Towards a Systematic Approach to Design New Ensemble Learning Algorithms
João Mendes-Moreira, Tiago Mendes-Neves
TL;DR
This paper addresses the challenge of designing effective ensemble learning algorithms by reexamining the ensemble error decomposition and proposing SA2DELA, a two-level framework that uses the $bias$-$variance$-$diversity$ decomposition to guide the pairing of seven generation strategies for neural-network ensembles in regression. It introduces 21 new ensemble algorithms derived from 7 strategies and demonstrates, via Level-0 and Level-1 experiments on OpenML CTR23 datasets, that snapshot-based aggregations—especially snapshot with dropout or stacking—achieve strong predictive performance, validated by Friedman and Conover tests.
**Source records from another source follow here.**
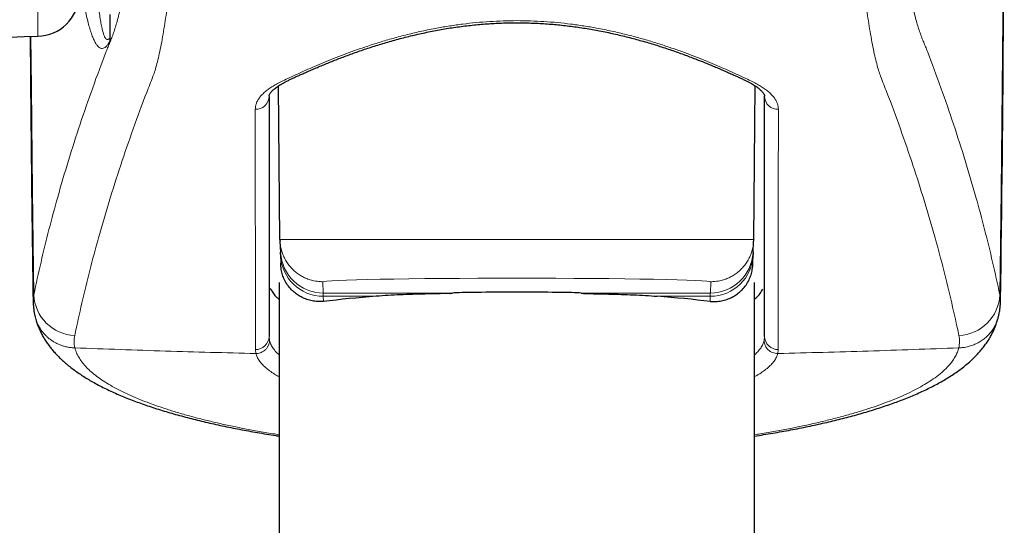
# Model space of a CAD drawing. Header units: millimetres. Extents: x 8 to 1132, y 12 to 2282.
# Tile 44 of 54: x 608 to 645, y 1904 to 1923. Entities that reach past the tile are written whole.
import ezdxf

# ---------------------------------------------------------------- set-up
doc = ezdxf.new("R2010")
doc.units = ezdxf.units.MM

msp = doc.modelspace()

# ---------------------------------------------------------------- linework, layer by layer
at = {"color": 8, "linetype": 'Continuous', "lineweight": 0}
for p, q in [((609.079, 1922.272), (609.079, 1954.365)), ((636.286, 1920.021), (636.284, 1920.042)), ((619.766, 1912.657), (619.744, 1913.08)), ((634.257, 1912.657), (634.279, 1913.08)), ((624.602, 1912.657), (619.766, 1912.657)), ((619.768, 1912.536), (621.752, 1912.536)), ((619.771, 1912.34), (619.768, 1912.536)), ((629.42, 1912.657), (634.257, 1912.657)), ((634.255, 1912.536), (632.27, 1912.536)), ((634.252, 1912.34), (634.255, 1912.536)), ((617.736, 1911.026), (617.754, 1910.876)), ((636.269, 1910.876), (636.286, 1911.026)), ((610.468, 1910.601), (610.468, 1910.604)), ((617.243, 1910.391), (617.224, 1910.541)), ((636.798, 1910.541), (636.78, 1910.391)), ((643.554, 1910.601), (643.555, 1910.604))]:
    msp.add_line(p, q, dxfattribs=at)
at = {"color": 7, "linetype": 'Continuous', "lineweight": 30}
for p, q in [((611.781, 1923.083), (611.781, 1922.154)), ((618.144, 1914.666), (618.094, 1920.418)), ((635.879, 1914.666), (635.929, 1920.418)), ((636.286, 1920.021), (636.286, 1920.023)), ((618.146, 1914.598), (618.168, 1914.175)), ((635.855, 1914.175), (635.877, 1914.598)), ((618.168, 1914.102), (618.168, 1914.094)), ((618.168, 1914.094), (618.173, 1913.772)), ((635.85, 1913.772), (635.854, 1914.094)), ((635.855, 1914.102), (635.854, 1914.094)), ((618.111, 1913.048), (618.111, 1651.291)), ((635.911, 1651.291), (635.911, 1913.048)), ((608.977, 1911.788), (608.979, 1911.781))]:
    msp.add_line(p, q, dxfattribs=at)
at = {"color": 8, "linetype": 'Continuous', "lineweight": 0, "flags": 128}
for points in [[(645.007, 1955.212), (645.074, 1951.338), (645.129, 1947.464), (645.173, 1943.59), (645.205, 1939.715), (645.225, 1935.841), (645.233, 1931.966), (645.229, 1928.091), (645.213, 1924.217), (645.185, 1920.342), (645.145, 1916.468), (645.094, 1912.594)], [(608.822, 1922.264), (608.838, 1920.342), (608.877, 1916.468), (608.929, 1912.594)]]:
    msp.add_lwpolyline(points, dxfattribs=at)
at = {"color": 7, "linetype": 'Continuous', "lineweight": 30}
for centre, radius, start, end in [((-614.884, 1931.319), 1260.145, 359.138071, 1.086717), ((609.031, 1923.871), 1.6, 271.7303, 357), ((593.981, 2422.044), 500, 270.78721, 271.73032), ((1868.906, 1931.319), 1260.145, 180.411721, 180.861929)]:
    msp.add_arc(centre, radius, start, end, dxfattribs=at)
at = {"color": 8, "linetype": 'Continuous', "lineweight": 0}
for centre, radius, start, end in [((617.242, 1920.03), 0.494, 267.3502, 358.9863), ((636.78, 1920.03), 0.494, 181.0137, 272.6498), ((619.766, 1914.257), 1.6, 182.9352, 270.0052), ((634.257, 1914.257), 1.6, 269.9948, 357.0648), ((619.758, 1914.126), 1.59, 181.1416, 270.3493), ((634.264, 1914.126), 1.59, 269.6507, 358.8584), ((610.526, 1912.664), 1.598, 182.5198, 267.6661), ((643.497, 1912.664), 1.598, 272.3339, 357.4802), ((617.243, 1911.034), 0.493, 267.7941, 359.0927), ((636.779, 1911.034), 0.493, 180.9073, 272.2059)]:
    msp.add_arc(centre, radius, start, end, dxfattribs=at)
at = {"color": 7, "linetype": 'Continuous', "lineweight": 30}
for centre, major_axis, ratio, start_param, end_param in [((618.266, 1902.644), (-0.101, 11.6), 0.000761, 6.126337, 6.18873), ((635.756, 1902.644), (0.101, 11.6), 0.000761, 0.094455, 0.156848), ((627.011, 1912.643), (2.528, 0), 0.017992, 0.308531, 2.833061), ((627.011, 1910.794), (12.021, 0), 0.161127, 2.023612, 2.217236), ((627.011, 1910.794), (12.021, 0), 0.161127, 0.924357, 1.117981)]:
    msp.add_ellipse(centre, major_axis=major_axis, ratio=ratio, start_param=start_param, end_param=end_param, dxfattribs=at)
at = {"color": 8, "linetype": 'Continuous', "lineweight": 0}
for centre, major_axis, ratio, start_param, end_param in [((627.011, 1913.079), (7.268, 0), 0.017992, 0.00826, 3.133333), ((619.866, 1902.658), (-0.101, 10), 0.000882, 6.126335, 6.265283), ((634.156, 1902.658), (0.101, 10), 0.000882, 0.017902, 0.15685)]:
    msp.add_ellipse(centre, major_axis=major_axis, ratio=ratio, start_param=start_param, end_param=end_param, dxfattribs=at)
for points, knots in [([(610.46, 1911.067), (610.548, 1911.473), (610.724, 1912.285), (611.022, 1913.503), (611.36, 1914.769), (611.745, 1916.083), (612.178, 1917.446), (612.648, 1918.804), (613.055, 1919.924), (613.341, 1920.629), (613.469, 1920.985), (613.539, 1921.24), (613.61, 1921.533), (613.681, 1921.867), (613.752, 1922.24), (613.818, 1922.632), (613.881, 1923.039), (613.939, 1923.454), (613.996, 1923.895), (614.053, 1924.365), (614.108, 1924.865), (614.162, 1925.395), (614.214, 1925.948), (614.264, 1926.518), (614.311, 1927.104), (614.355, 1927.705), (614.398, 1928.324), (614.438, 1928.967), (614.477, 1929.633), (614.513, 1930.321), (614.547, 1931.025), (614.577, 1931.733), (614.605, 1932.446), (614.63, 1933.16), (614.652, 1933.883), (614.671, 1934.622), (614.688, 1935.374), (614.702, 1936.138), (614.713, 1936.907), (614.721, 1937.67), (614.726, 1938.426), (614.728, 1939.174), (614.727, 1939.92), (614.723, 1940.67), (614.717, 1941.424), (614.707, 1942.179), (614.694, 1942.927), (614.679, 1943.66), (614.661, 1944.375), (614.64, 1945.074), (614.617, 1945.761), (614.591, 1946.441), (614.561, 1947.114), (614.529, 1947.776), (614.495, 1948.422), (614.458, 1949.044), (614.419, 1949.641), (614.379, 1950.214), (614.336, 1950.767), (614.291, 1951.304), (614.243, 1951.822), (614.193, 1952.32), (614.14, 1952.794), (614.087, 1953.237), (614.032, 1953.651), (613.976, 1954.035), (613.919, 1954.393), (613.86, 1954.726), (613.799, 1955.032), (613.736, 1955.311), (613.672, 1955.559), (613.609, 1955.771), (613.546, 1955.95), (613.485, 1956.096), (613.422, 1956.214), (613.359, 1956.302), (613.296, 1956.364), (613.254, 1956.381), (613.233, 1956.389)], [0, 0, 0, 0, 0.054626, 0.109253, 0.163879, 0.225108, 0.286339, 0.347569, 0.408799, 0.436036, 0.44514, 0.454249, 0.463352, 0.472633, 0.48192, 0.491202, 0.499361, 0.507528, 0.515694, 0.523854, 0.532249, 0.540652, 0.549055, 0.55745, 0.565614, 0.573784, 0.581954, 0.590118, 0.598521, 0.606932, 0.615343, 0.623746, 0.631865, 0.639991, 0.648117, 0.656235, 0.664592, 0.672956, 0.68132, 0.689676, 0.697764, 0.705859, 0.713953, 0.722041, 0.730364, 0.738694, 0.747025, 0.755348, 0.763427, 0.771513, 0.779599, 0.787677, 0.79599, 0.80431, 0.812631, 0.820943, 0.829037, 0.837137, 0.845238, 0.853331, 0.861657, 0.869991, 0.878324, 0.88665, 0.894785, 0.902927, 0.911069, 0.919204, 0.927573, 0.93595, 0.944327, 0.952697, 0.96057, 0.968456, 0.976349, 0.984241, 0.992127, 1, 1, 1, 1]), ([(643.562, 1911.067), (643.475, 1911.473), (643.299, 1912.285), (643, 1913.503), (642.662, 1914.769), (642.278, 1916.083), (641.845, 1917.446), (641.375, 1918.804), (640.967, 1919.924), (640.681, 1920.629), (640.553, 1920.985), (640.483, 1921.24), (640.413, 1921.533), (640.341, 1921.867), (640.271, 1922.24), (640.204, 1922.632), (640.142, 1923.039), (640.083, 1923.454), (640.026, 1923.895), (639.97, 1924.365), (639.915, 1924.865), (639.861, 1925.395), (639.809, 1925.948), (639.759, 1926.518), (639.712, 1927.104), (639.667, 1927.705), (639.625, 1928.324), (639.584, 1928.967), (639.546, 1929.633), (639.51, 1930.321), (639.476, 1931.025), (639.445, 1931.733), (639.418, 1932.446), (639.393, 1933.16), (639.371, 1933.883), (639.352, 1934.622), (639.335, 1935.374), (639.321, 1936.138), (639.31, 1936.907), (639.302, 1937.67), (639.297, 1938.426), (639.295, 1939.174), (639.296, 1939.92), (639.299, 1940.67), (639.306, 1941.424), (639.316, 1942.179), (639.329, 1942.927), (639.344, 1943.66), (639.362, 1944.375), (639.383, 1945.074), (639.406, 1945.761), (639.432, 1946.441), (639.461, 1947.114), (639.493, 1947.776), (639.528, 1948.422), (639.565, 1949.044), (639.603, 1949.641), (639.644, 1950.214), (639.687, 1950.767), (639.732, 1951.304), (639.78, 1951.822), (639.83, 1952.32), (639.882, 1952.794), (639.936, 1953.237), (639.991, 1953.651), (640.047, 1954.035), (640.104, 1954.393), (640.163, 1954.726), (640.224, 1955.032), (640.287, 1955.311), (640.35, 1955.559), (640.414, 1955.771), (640.476, 1955.95), (640.538, 1956.096), (640.601, 1956.214), (640.663, 1956.302), (640.726, 1956.364), (640.769, 1956.381), (640.79, 1956.389)], [0, 0, 0, 0, 0.054626, 0.109253, 0.163879, 0.225108, 0.286339, 0.347569, 0.408799, 0.436036, 0.44514, 0.454249, 0.463352, 0.472633, 0.48192, 0.491202, 0.499361, 0.507528, 0.515694, 0.523854, 0.532249, 0.540652, 0.549055, 0.55745, 0.565614, 0.573784, 0.581954, 0.590118, 0.598521, 0.606932, 0.615343, 0.623746, 0.631865, 0.639991, 0.648117, 0.656235, 0.664592, 0.672956, 0.68132, 0.689676, 0.697764, 0.705859, 0.713953, 0.722041, 0.730364, 0.738694, 0.747025, 0.755348, 0.763427, 0.771513, 0.779599, 0.787677, 0.79599, 0.80431, 0.812631, 0.820943, 0.829037, 0.837137, 0.845238, 0.853331, 0.861657, 0.869991, 0.878324, 0.88665, 0.894785, 0.902927, 0.911069, 0.919204, 0.927573, 0.93595, 0.944327, 0.952697, 0.96057, 0.968456, 0.976349, 0.984241, 0.992127, 1, 1, 1, 1]), ([(611.723, 1954.819), (611.748, 1954.809), (611.798, 1954.789), (611.873, 1954.71), (611.947, 1954.598), (612.021, 1954.449), (612.091, 1954.272), (612.157, 1954.071), (612.219, 1953.853), (612.281, 1953.608), (612.342, 1953.333), (612.402, 1953.029), (612.462, 1952.696), (612.52, 1952.336), (612.575, 1951.955), (612.629, 1951.555), (612.68, 1951.136), (612.73, 1950.695), (612.778, 1950.229), (612.824, 1949.737), (612.869, 1949.219), (612.911, 1948.682), (612.951, 1948.131), (612.988, 1947.569), (613.022, 1946.997), (613.054, 1946.41), (613.083, 1945.804), (613.11, 1945.178), (613.135, 1944.533), (613.157, 1943.877), (613.175, 1943.217), (613.191, 1942.555), (613.204, 1941.892), (613.213, 1941.222), (613.221, 1940.541), (613.225, 1939.85), (613.226, 1939.148), (613.224, 1938.446), (613.219, 1937.749), (613.211, 1937.059), (613.2, 1936.377), (613.187, 1935.698), (613.17, 1935.017), (613.151, 1934.336), (613.128, 1933.656), (613.103, 1932.984), (613.074, 1932.327), (613.044, 1931.686), (613.011, 1931.062), (612.975, 1930.45), (612.937, 1929.846), (612.896, 1929.252), (612.852, 1928.669), (612.806, 1928.104), (612.758, 1927.564), (612.708, 1927.048), (612.658, 1926.556), (612.605, 1926.085), (612.55, 1925.63), (612.493, 1925.195), (612.434, 1924.779), (612.373, 1924.388), (612.311, 1924.023), (612.248, 1923.685), (612.184, 1923.374), (612.118, 1923.089), (612.052, 1922.833), (611.985, 1922.604), (611.917, 1922.402), (611.847, 1922.216), (611.778, 1922.044), (611.71, 1921.876), (611.488, 1921.316), (611.129, 1920.339), (610.657, 1918.98), (610.22, 1917.615), (609.834, 1916.3), (609.494, 1915.032), (609.193, 1913.813), (609.017, 1913), (608.929, 1912.594)], [0, 0, 0, 0, 0.008926, 0.017868, 0.026814, 0.035755, 0.044682, 0.052496, 0.060317, 0.068138, 0.075953, 0.083992, 0.092039, 0.100085, 0.108125, 0.115897, 0.123676, 0.131455, 0.139227, 0.147223, 0.155227, 0.16323, 0.171226, 0.178982, 0.186744, 0.194506, 0.202262, 0.210242, 0.21823, 0.226218, 0.234198, 0.241961, 0.249731, 0.257501, 0.265263, 0.273253, 0.28125, 0.289247, 0.297236, 0.30503, 0.312829, 0.320629, 0.328422, 0.336444, 0.344474, 0.352503, 0.360525, 0.368363, 0.376208, 0.384053, 0.391891, 0.39996, 0.408036, 0.416112, 0.42418, 0.432019, 0.439865, 0.44771, 0.455549, 0.463615, 0.471687, 0.47976, 0.487825, 0.495873, 0.503932, 0.511995, 0.520054, 0.528102, 0.536389, 0.544679, 0.552972, 0.561268, 0.56956, 0.634031, 0.698503, 0.762975, 0.827446, 0.884964, 0.942482, 1, 1, 1, 1]), ([(642.307, 1954.821), (642.281, 1954.812), (642.23, 1954.793), (642.154, 1954.716), (642.078, 1954.603), (642.003, 1954.452), (641.932, 1954.273), (641.866, 1954.071), (641.803, 1953.853), (641.742, 1953.608), (641.681, 1953.333), (641.621, 1953.029), (641.561, 1952.696), (641.503, 1952.336), (641.447, 1951.955), (641.394, 1951.555), (641.342, 1951.136), (641.293, 1950.695), (641.245, 1950.229), (641.198, 1949.737), (641.154, 1949.219), (641.111, 1948.682), (641.072, 1948.131), (641.035, 1947.569), (641.001, 1946.997), (640.969, 1946.41), (640.939, 1945.804), (640.912, 1945.178), (640.888, 1944.533), (640.866, 1943.877), (640.847, 1943.217), (640.832, 1942.555), (640.819, 1941.892), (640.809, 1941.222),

The study contributes a concrete, data-driven process for constructing ensembles and provides a suite of competitive algorithms, illustrating that ensemble error decomposition can meaningfully inform algorithm design. The framework is extensible to other base learners and tasks, offering a replicable pathway for systematic development of ensemble methods in regression and beyond.
Abstract
Ensemble learning has been a focal point of machine learning research due to its potential to improve predictive performance. This study revisits the foundational work on ensemble error decomposition, historically confined to bias-variance-covariance analysis for regression problems since the 1990s. Recent advancements introduced a "unified theory of diversity," which proposes an innovative bias-variance-diversity decomposition framework. Leveraging this contemporary understanding, our research systematically explores the application of this decomposition to guide the creation of new ensemble learning algorithms. Focusing on regression tasks, we employ neural networks as base learners to investigate the practical implications of this theoretical framework. This approach used 7 simple ensemble methods, we name them strategies, for neural networks that were used to generate 21 new ensemble algorithms. Among these, most of the methods aggregated with the snapshot strategy, one of the 7 strategies used, showcase superior predictive performance across diverse datasets w.r.t. the Friedman rank test with the Conover post-hoc test. Our systematic design approach contributes a suite of effective new algorithms and establishes a structured pathway for future ensemble learning algorithm development.